その結果、健診などで血圧が正常でも起床時や就寝前に血圧を測定すると高血圧と診断される集団が約45%存在すること。また、起床時や就寝前の血圧が正常であっても、仕事中に血圧が上昇する職場高血圧が約17%に達すること。さらに、職場高血圧でも、血圧は通常の高血圧ほどではないが、ダブルプロダクトが上昇する傾向が確認でき、職場でのリスク軽減の必要性がわかったという。
「今後、月曜午前のダブルプロダクトの上昇が、心血管事故と具体的にどのように関連しているのかを、明らかにする必要があります。仕事によるストレス負荷を定量化するうえでは、血圧値以上に心拍数のほうが有用であると考えていますが、どちらが心血管事故と密接に関連しているかはさらなる調査が必要になってくるでしょう」(木村氏)。
プレミアムフライデーより「スローマンデー」が大事
日本のような先進国で死につながる重大疾病の大きなリスク要因となっているのが、「高血圧」「喫煙」「高コレステロール」だ。特に高血圧は日本人の死因の上位を占める脳・心血管疾患の発症リスクを高めるもので、脳卒中の62%、冠動脈疾患の49%の発症要因と言われる*1。
「脳卒中ほか心筋梗塞や突然死についても月曜午前10時が最も起こりやすい時間帯であることがわかっています」(木村氏)
国内の高血圧患者数は4000万人と言われており、そのうち半分の2000万人しか自分が高血圧であることを認識していないという。しかも、高血圧を認識している患者でさえ、その半分しか治療を受けておらず、さらに、そのまた半分しか良好に血圧をコントロールできていないという。つまり、高血圧の降圧療法の恩恵を受けているのは、患者全体の8分の1に過ぎないのである*2。
さらに注意しなければならないのは、若くても高血圧になる可能性が十分にあるということだ。ビジネスパーソンならば、年齢にかかわらず月曜午前に大きなストレスがかかっているのではないかと予想し、ダブルプロダクトの上昇を抑える対応が必要だ。
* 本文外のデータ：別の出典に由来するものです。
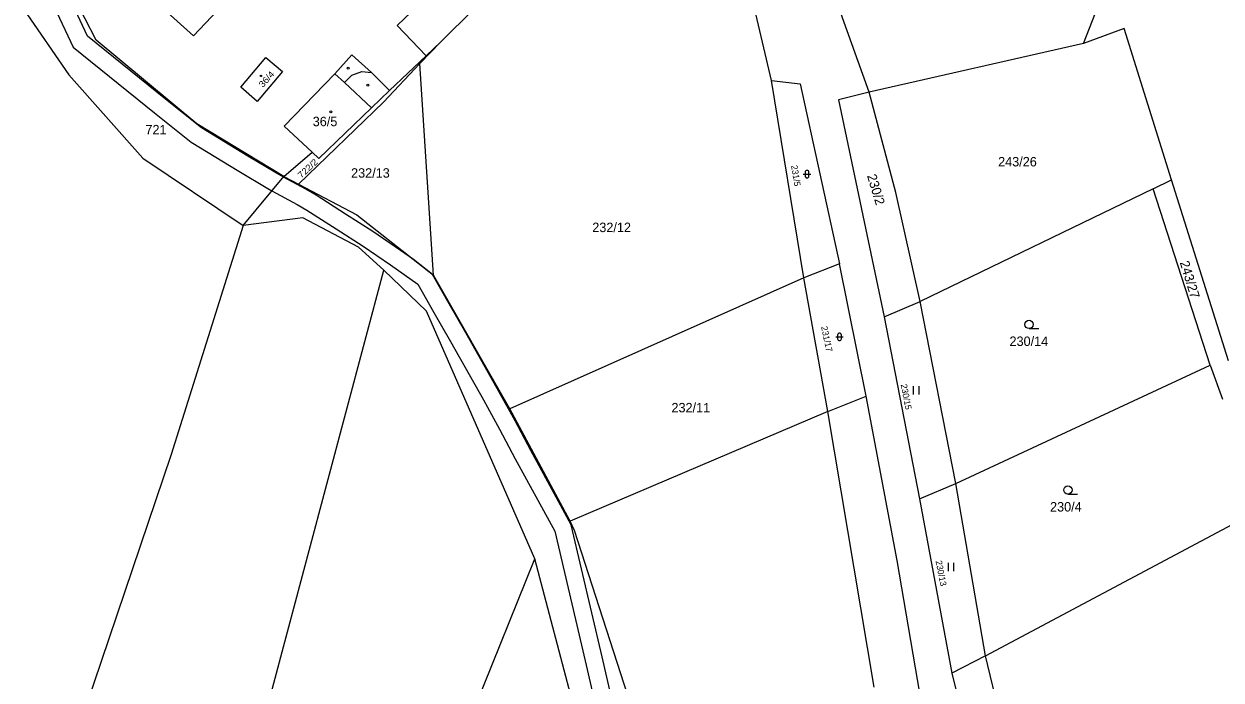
# Model space of a CAD drawing. Extents: x -701211 to -698780, y -1014269 to -1012378.
# Drawn here: x -701013.5 to -700798.3, y -1012938.3 to -1012820.3 of the extents above; entities that cross this region are included whole.
import ezdxf
from ezdxf.enums import TextEntityAlignment as Align

# ---------------------------------------------------------------- set-up
doc = ezdxf.new("R2010")
doc.units = 0
doc.header["$LTSCALE"] = 0.68
for name, color, linetype, lineweight in [('1', 7, 'Continuous', 25), ('13', 7, 'Continuous', 13), ('3', 7, 'Continuous', 25), ('4', 7, 'Continuous', 13), ('5', 7, 'Continuous', 25)]:
    doc.layers.add(name, color=color, linetype=linetype, lineweight=lineweight)
doc.layers.add('2', color=7, linetype='Continuous')

msp = doc.modelspace()

# ---------------------------------------------------------------- linework, layer by layer
at = {"layer": '1'}
for p, q in [((-700823.05, -1012823.84), (-700800.19, -1012765.01)), ((-700937.26, -1012822.19), (-700925.63, -1012810.81)), ((-701000.52, -1012823.26), (-701005.28, -1012814.01)), ((-700946.4, -1012820.6), (-700942.56, -1012816.95)), ((-700879.16, -1012830.48), (-700882.58, -1012815.63)), ((-701013.51, -1012817.71), (-701005.43, -1012829.46)), ((-700861.58, -1012832.59), (-700866.7, -1012818.38)), ((-700815.74, -1012821.11), (-700823.05, -1012823.84)), ((-700807.25, -1012848.34), (-700815.74, -1012821.11)), ((-700982.44, -1012838.28), (-701000.52, -1012823.26)), ((-700938.56, -1012823.54), (-700942.34, -1012827.44)), ((-700941.23, -1012826.06), (-700938.56, -1012823.54)), ((-700938.56, -1012823.54), (-700937.26, -1012822.19)), ((-700823.05, -1012823.84), (-700861.58, -1012832.59)), ((-700974.53, -1012831.68), (-700970.05, -1012826.35)), ((-700970.05, -1012826.35), (-700967.02, -1012828.89)), ((-700942.34, -1012827.44), (-700948.87, -1012834.37)), ((-700939.91, -1012865.5), (-700942.34, -1012827.44)), ((-701005.43, -1012829.46), (-700992.16, -1012844.45)), ((-700967.02, -1012828.89), (-700971.6, -1012834.27)), ((-700957.64, -1012829.26), (-700966.73, -1012838.7)), ((-700957.64, -1012829.26), (-700955.91, -1012830.87)), ((-700879.16, -1012830.48), (-700874, -1012831.09)), ((-700873.31, -1012865.97), (-700879.16, -1012830.48)), ((-700971.6, -1012834.27), (-700974.53, -1012831.68)), ((-700955.91, -1012830.87), (-700951.03, -1012835.39)), ((-700951.03, -1012835.39), (-700947.82, -1012832.28)), ((-700874, -1012831.09), (-700866.89, -1012863.44)), ((-700861.58, -1012832.59), (-700867.07, -1012833.98)), ((-700856.8, -1012850.61), (-700861.58, -1012832.59)), ((-700867.07, -1012833.98), (-700858.87, -1012872.99)), ((-700960.49, -1012844.54), (-700951.03, -1012835.39)), ((-700966.79, -1012847.75), (-700982.44, -1012838.28)), ((-700966.73, -1012838.7), (-700961.7, -1012843.4)), ((-700966.79, -1012847.75), (-700961.7, -1012843.4)), ((-700961.7, -1012843.4), (-700960.49, -1012844.54)), ((-700992.16, -1012844.45), (-700974.12, -1012856.57)), ((-700974.12, -1012856.57), (-700966.79, -1012847.75)), ((-700966.79, -1012847.75), (-700964.15, -1012849.1)), ((-700810.52, -1012849.97), (-700852.4, -1012870.24)), ((-700810.52, -1012849.97), (-700807.25, -1012848.34)), ((-700800.3, -1012881.65), (-700810.52, -1012849.97)), ((-700797, -1012880.92), (-700807.25, -1012848.34)), ((-700852.4, -1012870.24), (-700856.8, -1012850.61)), ((-700963.36, -1012855.2), (-700974.12, -1012856.57)), ((-700953.35, -1012860.46), (-700963.36, -1012855.2)), ((-700953.69, -1012854.66), (-700939.91, -1012865.5)), ((-700974.12, -1012856.57), (-700987.06, -1012897.76)), ((-700948.79, -1012864.57), (-700953.35, -1012860.46)), ((-700941.16, -1012871.94), (-700948.79, -1012864.57)), ((-700866.89, -1012863.44), (-700873.31, -1012865.97)), ((-700862.11, -1012887.23), (-700866.89, -1012863.44)), ((-700926.14, -1012889.54), (-700939.91, -1012865.5)), ((-700873.31, -1012865.97), (-700926.14, -1012889.54)), ((-700868.99, -1012890.01), (-700873.31, -1012865.97)), ((-700858.87, -1012872.99), (-700852.4, -1012870.24)), ((-700846, -1012902.94), (-700852.4, -1012870.24)), ((-700921.68, -1012916.49), (-700941.16, -1012871.94)), ((-700858.87, -1012872.99), (-700852.56, -1012905.69)), ((-700846, -1012902.94), (-700800.3, -1012881.65)), ((-700800.3, -1012881.65), (-700798.09, -1012887.81)), ((-700868.99, -1012890.01), (-700862.11, -1012887.23)), ((-700856.53, -1012916.78), (-700862.11, -1012887.23)), ((-700915.34, -1012909.72), (-700926.14, -1012889.54)), ((-700868.99, -1012890.01), (-700915.34, -1012909.72)), ((-700860.7, -1012939.55), (-700868.99, -1012890.01)), ((-700987.06, -1012897.76), (-701004.28, -1012948.73)), ((-700852.56, -1012905.69), (-700846, -1012902.94)), ((-700840.69, -1012933.93), (-700846, -1012902.94)), ((-700852.56, -1012905.69), (-700846.71, -1012937.05)), ((-700840.69, -1012933.93), (-700788.72, -1012906.25)), ((-700914.53, -1012911.43), (-700915.34, -1012909.72)), ((-700894, -1012975.02), (-700914.53, -1012911.43)), ((-700938.57, -1012958.49), (-700921.68, -1012916.49)), ((-700905.7, -1012977.03), (-700921.68, -1012916.49)), ((-700851.85, -1012944.35), (-700856.53, -1012916.78)), ((-700840.69, -1012933.93), (-700846.71, -1012937.05)), ((-700836.72, -1012950.14), (-700840.69, -1012933.93)), ((-700846.71, -1012937.05), (-700841.75, -1012957.5))]:
    msp.add_line(p, q, dxfattribs=at)
for points in [[(-700947.82, -1012832.28), (-700941.23, -1012826.06), (-700946.4, -1012820.6)], [(-700948.87, -1012834.37), (-700964.15, -1012849.1), (-700953.69, -1012854.66)], [(-700996.75, -1013042.57), (-700969.3, -1012941.55), (-700948.79, -1012864.57)]]:
    msp.add_lwpolyline(points, dxfattribs=at)
at = {"layer": '13'}
for points in [[(-700906.86, -1012945.88), (-700909.56, -1012934.11), (-700915.12, -1012910.36), (-700922.42, -1012897.02), (-700925.23, -1012891.69), (-700928.14, -1012886.39), (-700934.1, -1012875.88), (-700937.1, -1012870.66), (-700940.05, -1012865.39), (-700943.48, -1012862.69), (-700945.81, -1012861.04), (-700950.82, -1012857.64), (-700955.68, -1012854.51), (-700961.01, -1012851.11), (-700962.85, -1012850.04), (-700966.87, -1012847.85), (-700968.13, -1012847.17), (-700973.26, -1012844.11), (-700981.61, -1012839), (-700988.07, -1012833.84), (-701002.1, -1012822.49), (-701004.74, -1012816.87)], [(-701007.6, -1012818.23), (-701004.64, -1012824.49), (-700990.05, -1012836.3), (-700983.43, -1012841.6), (-700974.9, -1012846.81), (-700969.69, -1012849.91), (-700968.93, -1012850.33), (-700964.39, -1012852.8), (-700962.65, -1012853.81), (-700957.38, -1012857.17), (-700952.56, -1012860.28), (-700947.61, -1012863.64), (-700942.7, -1012867.11), (-700939.84, -1012872.22), (-700936.84, -1012877.44), (-700930.9, -1012887.93), (-700928.01, -1012893.19), (-700925.2, -1012898.52), (-700918.1, -1012911.5), (-700912.64, -1012934.83), (-700909.96, -1012946.54)]]:
    msp.add_lwpolyline(points, dxfattribs=at)
at = {"layer": '3'}
for p, q in [((-700873.421, -1012847.321), (-700872.079, -1012847.321)), ((-700873.085, -1012846.985), (-700873.085, -1012847.656)), ((-700872.415, -1012847.656), (-700872.415, -1012846.985)), ((-700832.843, -1012875.1), (-700831.093, -1012875.1)), ((-700867.581, -1012876.591), (-700866.239, -1012876.591)), ((-700867.245, -1012876.255), (-700867.245, -1012876.926)), ((-700866.575, -1012876.926), (-700866.575, -1012876.255)), ((-700853.621, -1012886.94), (-700853.621, -1012885.44)), ((-700852.62, -1012886.94), (-700852.62, -1012885.44)), ((-700825.863, -1012904.87), (-700824.113, -1012904.87)), ((-700847.341, -1012918.69), (-700847.341, -1012917.19)), ((-700846.34, -1012918.69), (-700846.34, -1012917.19))]:
    msp.add_line(p, q, dxfattribs=at)
for centre in [(-700832.8429, -1012874.3498), (-700825.8629, -1012904.1198)]:
    msp.add_circle(centre, 0.75, dxfattribs=at)
for centre, start, end in [((-700872.75, -1012846.9856), 0, 180), ((-700872.75, -1012847.6556), 180, 359.98789), ((-700866.91, -1012876.2556), 0, 180), ((-700866.91, -1012876.9256), 180, 359.98789)]:
    msp.add_arc(centre, 0.335, start, end, dxfattribs=at)
at = {"layer": '4'}
for p, q in [((-700983.03, -1012822.46), (-700994.72, -1012811.87)), ((-700983.03, -1012822.46), (-700974.94, -1012813.76)), ((-700957.64, -1012829.26), (-700954.56, -1012825.85)), ((-700954.56, -1012825.85), (-700951.06, -1012829.07)), ((-700955.91, -1012830.87), (-700954.59, -1012829.52)), ((-700954.59, -1012829.52), (-700952.76, -1012828.86)), ((-700952.76, -1012828.86), (-700951.06, -1012829.07)), ((-700951.06, -1012829.07), (-700948, -1012832.1)), ((-700948, -1012832.1), (-700947.82, -1012832.28))]:
    msp.add_line(p, q, dxfattribs=at)
at = {"layer": '5'}
for centre, radius in [((-700955.2468, -1012828.2792), 0.175), ((-700970.9046, -1012829.6594), 0.1172), ((-700951.6968, -1012831.3392), 0.175), ((-700958.3268, -1012836.1392), 0.175)]:
    msp.add_circle(centre, radius, dxfattribs=at)

# ---------------------------------------------------------------- texts
at = {"layer": '2', "width": 1.1}
for s, rotation, p in [('36/4', 48, (-700969.4822, -1012830.6354)), ('722/2', 43, (-700962.1072, -1012846.7135))]:
    msp.add_text(s, height=1.14, rotation=rotation, dxfattribs=at).set_placement(p, align=Align.CENTER)
at = {"layer": '2'}
for s, p in [('36/5', (-700961.6, -1012838.705)), ('721', (-700991.67, -1012840.175)), ('230/14', (-700836.35, -1012878.225)), ('230/4', (-700829.06, -1012907.995))]:
    msp.add_text(s, height=1.7, dxfattribs=at).set_placement(p)
for s, p in [('243/26', (-700834.92, -1012845.935)), ('232/13', (-700951.23, -1012847.965)), ('232/12', (-700907.87, -1012857.745)), ('232/11', (-700893.64, -1012890.165))]:
    msp.add_text(s, height=1.7, dxfattribs=at).set_placement(p, align=Align.CENTER)
for s, height, rotation, p in [('231/5', 1.14, 279, (-700875.3143, -1012847.6798)), ('243/27', 1.7, 287, (-700804.7468, -1012866.5305)), ('231/17', 1.14, 282, (-700869.7459, -1012877.079)), ('230/15', 1.14, 281, (-700855.4787, -1012887.4692)), ('230/13', 1.14, 281, (-700849.1987, -1012919.1992))]:
    msp.add_text(s, height=height, rotation=rotation, dxfattribs=at).set_placement(p, align=Align.CENTER)
msp.add_text('230/2', height=1.7, rotation=287, dxfattribs=at).set_placement((-700861.986, -1012847.614))

doc.saveas('drawing.dxf')

木村氏がそのために提唱するのが「スローマンデー」だ。
「これからはビジネスパーソンの働き方改革を進めなければなりません。特に月曜日の仕事をスロースタートにして仕事モードに切り替えていく必要があります。そのために金曜日に月曜日の予定を整え、重要な会議はなるべく月曜日にしないよう考慮するなどが大切となってきます。そして、何よりも月曜午前のダブルプロダクトの上昇は、仕事のストレスの表れだとみなすべきです。消費を促すプレミアムフライデーより、健康を守るスローマンデーが大事なのです」
特に肥満の人は高血圧になりやすいので、仕事でのストレスを軽減していくと同時に食生活を見直す必要がある。また、肥満ではなくてもストレスが多く多忙な30代~40代の働き盛りのビジネスパーソンは注意が必要だ。木村氏は、こうアドバイスする。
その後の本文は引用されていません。